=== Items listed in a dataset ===
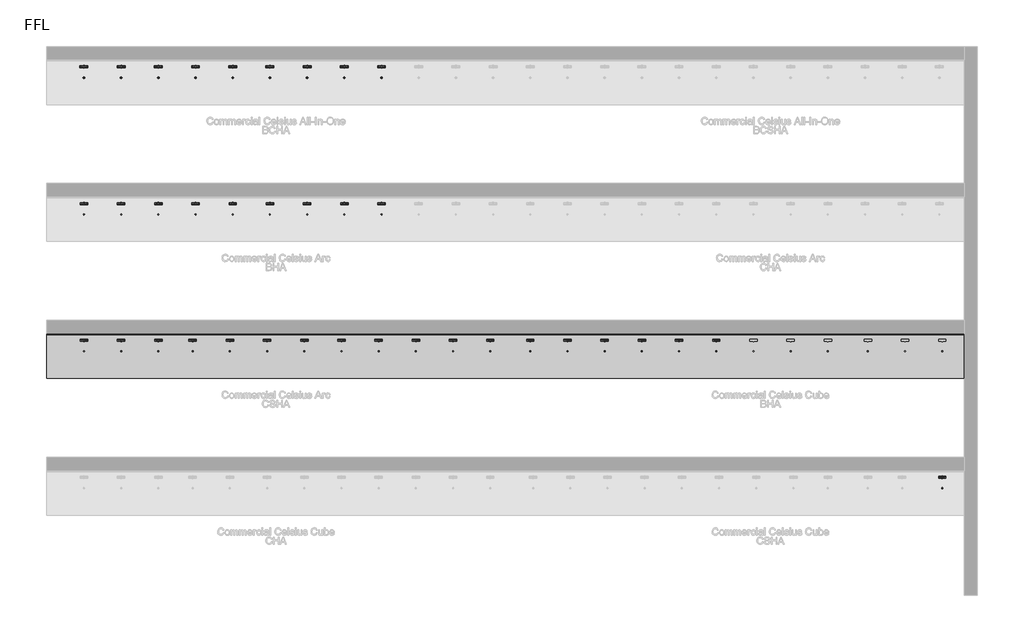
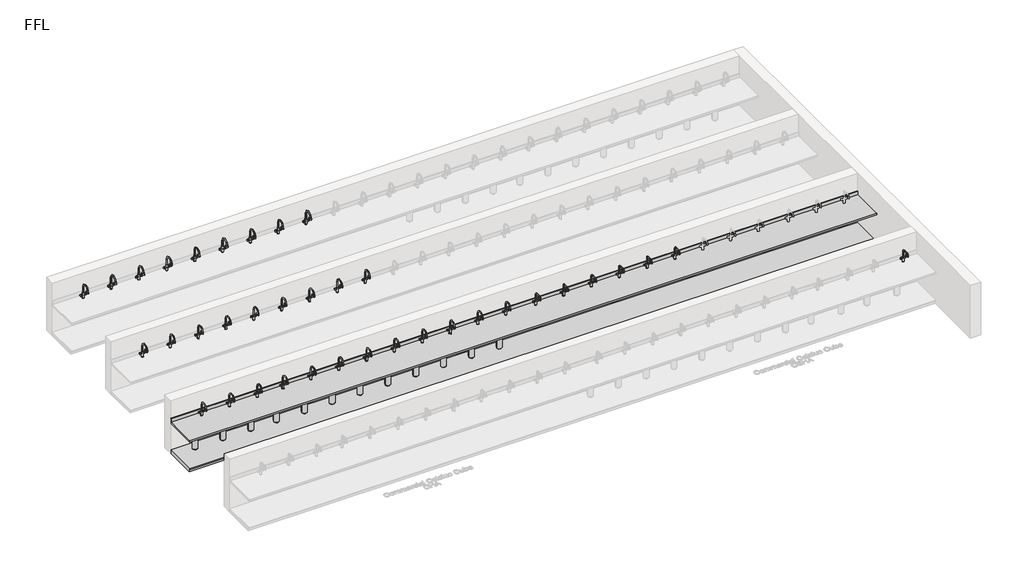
# One storey, part 2 of 10: 65 flow terminals, 2 furniture elements.
"""IFC4 building model written with IfcOpenShell, lengths in millimetres."""

from ifc_helpers import new_model, si_unit, frame, origin, place, context, project, spatial, polyline, circle_curve, transform, mapped, element, save
from ifc_brep_helpers import plane_surface, revolved_surface, advanced_brep
from components import flow_terminal_1fd3c137, bright_chrome_ca6152f3, bright_chrome_d5fbbf34, bright_chrome_d1e259f6, co2_gas_cylinder_20234e14, generic_plinth_900mm_f287d53f

model = new_model("IFC4")

# Units and contexts
model_context = context("Model", 3, world=origin())
ifc_project = project(units=[si_unit("LENGTHUNIT", "METRE", prefix="MILLI")], contexts=[model_context])

# Site, building, storey
site = spatial("IfcSite", under=ifc_project)
building = spatial("IfcBuilding", under=site)
storey = spatial("IfcBuildingStorey", under=building, Name="FFL", Elevation=0.0)

# Flow terminals
placement = place(None, origin())
flow_terminal_shape = flow_terminal_1fd3c137(model_context)
element("IfcFlowTerminal", 1, ObjectType="z_PlumFixt_Zenith_Booster : Booster", at=placement, inside=storey, context=model_context, shape_type="MappedRepresentation", body=[
    mapped(flow_terminal_shape, transform((-1716.7352929, 5140.2393304, 498.0), x_axis=(1.0, 0.0, 0.0), y_axis=(0.0, 1.0, 0.0), z_axis=(0.0, 0.0, 1.0))),
])
element("IfcFlowTerminal", 2, ObjectType="z_PlumFixt_Zenith_Booster : Booster", at=placement, inside=storey, context=model_context, shape_type="MappedRepresentation", body=[
    mapped(flow_terminal_shape, transform((-966.7352929, 5140.2393304, 498.0), x_axis=(1.0, 0.0, 0.0), y_axis=(0.0, 1.0, 0.0), z_axis=(0.0, 0.0, 1.0))),
])
element("IfcFlowTerminal", 3, ObjectType="z_PlumFixt_Zenith_Booster : Booster", at=placement, inside=storey, context=model_context, shape_type="MappedRepresentation", body=[
    mapped(flow_terminal_shape, transform((-216.7352929, 5140.2393304, 498.0), x_axis=(1.0, 0.0, 0.0), y_axis=(0.0, 1.0, 0.0), z_axis=(0.0, 0.0, 1.0))),
])
element("IfcFlowTerminal", 4, ObjectType="z_PlumFixt_Zenith_Booster : Booster", at=placement, inside=storey, context=model_context, shape_type="MappedRepresentation", body=[
    mapped(flow_terminal_shape, transform((-6216.7352929, 2380.2393304, 498.0), x_axis=(1.0, 0.0, 0.0), y_axis=(0.0, 1.0, 0.0), z_axis=(0.0, 0.0, 1.0))),
])
element("IfcFlowTerminal", 5, ObjectType="z_PlumFixt_Zenith_Booster : Booster", at=placement, inside=storey, context=model_context, shape_type="MappedRepresentation", body=[
    mapped(flow_terminal_shape, transform((-5466.7352929, 2380.2393304, 498.0), x_axis=(1.0, 0.0, 0.0), y_axis=(0.0, 1.0, 0.0), z_axis=(0.0, 0.0, 1.0))),
])
element("IfcFlowTerminal", 6, ObjectType="z_PlumFixt_Zenith_Booster : Booster", at=placement, inside=storey, context=model_context, shape_type="MappedRepresentation", body=[
    mapped(flow_terminal_shape, transform((-4716.7352929, 2380.2393304, 498.0), x_axis=(1.0, 0.0, 0.0), y_axis=(0.0, 1.0, 0.0), z_axis=(0.0, 0.0, 1.0))),
])
element("IfcFlowTerminal", 7, ObjectType="z_PlumFixt_Zenith_Booster : Booster", at=placement, inside=storey, context=model_context, shape_type="MappedRepresentation", body=[
    mapped(flow_terminal_shape, transform((-4023.7352929, 2380.2393304, 498.0), x_axis=(1.0, 0.0, 0.0), y_axis=(0.0, 1.0, 0.0), z_axis=(0.0, 0.0, 1.0))),
])
element("IfcFlowTerminal", 8, ObjectType="z_PlumFixt_Zenith_Booster : Booster", at=placement, inside=storey, context=model_context, shape_type="MappedRepresentation", body=[
    mapped(flow_terminal_shape, transform((-3273.7352929, 2380.2393304, 498.0), x_axis=(1.0, 0.0, 0.0), y_axis=(0.0, 1.0, 0.0), z_axis=(0.0, 0.0, 1.0))),
])
element("IfcFlowTerminal", 9, ObjectType="z_PlumFixt_Zenith_Booster : Booster", at=placement, inside=storey, context=model_context, shape_type="MappedRepresentation", body=[
    mapped(flow_terminal_shape, transform((-2523.7352929, 2380.2393304, 498.0), x_axis=(1.0, 0.0, 0.0), y_axis=(0.0, 1.0, 0.0), z_axis=(0.0, 0.0, 1.0))),
])
element("IfcFlowTerminal", 10, ObjectType="z_PlumFixt_Zenith_Booster : Booster", at=placement, inside=storey, context=model_context, shape_type="MappedRepresentation", body=[
    mapped(flow_terminal_shape, transform((-1773.7352929, 2380.2393304, 498.0), x_axis=(1.0, 0.0, 0.0), y_axis=(0.0, 1.0, 0.0), z_axis=(0.0, 0.0, 1.0))),
])
element("IfcFlowTerminal", 11, ObjectType="z_PlumFixt_Zenith_Booster : Booster", at=placement, inside=storey, context=model_context, shape_type="MappedRepresentation", body=[
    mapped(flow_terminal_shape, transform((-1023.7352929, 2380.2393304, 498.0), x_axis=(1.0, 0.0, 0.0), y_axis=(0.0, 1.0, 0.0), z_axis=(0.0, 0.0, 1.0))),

=== Action item ===
Give back all entries exactly. No pictures belong in the copy.

=== Exercise output ===
# One storey, part 2 of 10: 65 flow terminals, 2 furniture elements.
"""IFC4 building model written with IfcOpenShell, lengths in millimetres."""

from ifc_helpers import new_model, si_unit, frame, origin, place, context, project, spatial, polyline, circle_curve, transform, mapped, element, save
from ifc_brep_helpers import plane_surface, revolved_surface, advanced_brep
from components import flow_terminal_1fd3c137, bright_chrome_ca6152f3, bright_chrome_d5fbbf34, bright_chrome_d1e259f6, co2_gas_cylinder_20234e14, generic_plinth_900mm_f287d53f

model = new_model("IFC4")

# Units and contexts
model_context = context("Model", 3, world=origin())
ifc_project = project(units=[si_unit("LENGTHUNIT", "METRE", prefix="MILLI")], contexts=[model_context])

# Site, building, storey
site = spatial("IfcSite", under=ifc_project)
building = spatial("IfcBuilding", under=site)
storey = spatial("IfcBuildingStorey", under=building, Name="FFL", Elevation=0.0)

# Flow terminals
placement = place(None, origin())
flow_terminal_shape = flow_terminal_1fd3c137(model_context)
element("IfcFlowTerminal", 1, ObjectType="z_PlumFixt_Zenith_Booster : Booster", at=placement, inside=storey, context=model_context, shape_type="MappedRepresentation", body=[
    mapped(flow_terminal_shape, transform((-1716.7352929, 5140.2393304, 498.0), x_axis=(1.0, 0.0, 0.0), y_axis=(0.0, 1.0, 0.0), z_axis=(0.0, 0.0, 1.0))),
])
element("IfcFlowTerminal", 2, ObjectType="z_PlumFixt_Zenith_Booster : Booster", at=placement, inside=storey, context=model_context, shape_type="MappedRepresentation", body=[
    mapped(flow_terminal_shape, transform((-966.7352929, 5140.2393304, 498.0), x_axis=(1.0, 0.0, 0.0), y_axis=(0.0, 1.0, 0.0), z_axis=(0.0, 0.0, 1.0))),
])
element("IfcFlowTerminal", 3, ObjectType="z_PlumFixt_Zenith_Booster : Booster", at=placement, inside=storey, context=model_context, shape_type="MappedRepresentation", body=[
    mapped(flow_terminal_shape, transform((-216.7352929, 5140.2393304, 498.0), x_axis=(1.0, 0.0, 0.0), y_axis=(0.0, 1.0, 0.0), z_axis=(0.0, 0.0, 1.0))),
])
element("IfcFlowTerminal", 4, ObjectType="z_PlumFixt_Zenith_Booster : Booster", at=placement, inside=storey, context=model_context, shape_type="MappedRepresentation", body=[
    mapped(flow_terminal_shape, transform((-6216.7352929, 2380.2393304, 498.0), x_axis=(1.0, 0.0, 0.0), y_axis=(0.0, 1.0, 0.0), z_axis=(0.0, 0.0, 1.0))),
])
element("IfcFlowTerminal", 5, ObjectType="z_PlumFixt_Zenith_Booster : Booster", at=placement, inside=storey, context=model_context, shape_type="MappedRepresentation", body=[
    mapped(flow_terminal_shape, transform((-5466.7352929, 2380.2393304, 498.0), x_axis=(1.0, 0.0, 0.0), y_axis=(0.0, 1.0, 0.0), z_axis=(0.0, 0.0, 1.0))),
])
element("IfcFlowTerminal", 6, ObjectType="z_PlumFixt_Zenith_Booster : Booster", at=placement, inside=storey, context=model_context, shape_type="MappedRepresentation", body=[
    mapped(flow_terminal_shape, transform((-4716.7352929, 2380.2393304, 498.0), x_axis=(1.0, 0.0, 0.0), y_axis=(0.0, 1.0, 0.0), z_axis=(0.0, 0.0, 1.0))),
])
element("IfcFlowTerminal", 7, ObjectType="z_PlumFixt_Zenith_Booster : Booster", at=placement, inside=storey, context=model_context, shape_type="MappedRepresentation", body=[
    mapped(flow_terminal_shape, transform((-4023.7352929, 2380.2393304, 498.0), x_axis=(1.0, 0.0, 0.0), y_axis=(0.0, 1.0, 0.0), z_axis=(0.0, 0.0, 1.0))),
])
element("IfcFlowTerminal", 8, ObjectType="z_PlumFixt_Zenith_Booster : Booster", at=placement, inside=storey, context=model_context, shape_type="MappedRepresentation", body=[
    mapped(flow_terminal_shape, transform((-3273.7352929, 2380.2393304, 498.0), x_axis=(1.0, 0.0, 0.0), y_axis=(0.0, 1.0, 0.0), z_axis=(0.0, 0.0, 1.0))),
])
element("IfcFlowTerminal", 9, ObjectType="z_PlumFixt_Zenith_Booster : Booster", at=placement, inside=storey, context=model_context, shape_type="MappedRepresentation", body=[
    mapped(flow_terminal_shape, transform((-2523.7352929, 2380.2393304, 498.0), x_axis=(1.0, 0.0, 0.0), y_axis=(0.0, 1.0, 0.0), z_axis=(0.0, 0.0, 1.0))),
])
element("IfcFlowTerminal", 10, ObjectType="z_PlumFixt_Zenith_Booster : Booster", at=placement, inside=storey, context=model_context, shape_type="MappedRepresentation", body=[
    mapped(flow_terminal_shape, transform((-1773.7352929, 2380.2393304, 498.0), x_axis=(1.0, 0.0, 0.0), y_axis=(0.0, 1.0, 0.0), z_axis=(0.0, 0.0, 1.0))),
])
element("IfcFlowTerminal", 11, ObjectType="z_PlumFixt_Zenith_Booster : Booster", at=placement, inside=storey, context=model_context, shape_type="MappedRepresentation", body=[
    mapped(flow_terminal_shape, transform((-1023.7352929, 2380.2393304, 498.0), x_axis=(1.0, 0.0, 0.0), y_axis=(0.0, 1.0, 0.0), z_axis=(0.0, 0.0, 1.0))),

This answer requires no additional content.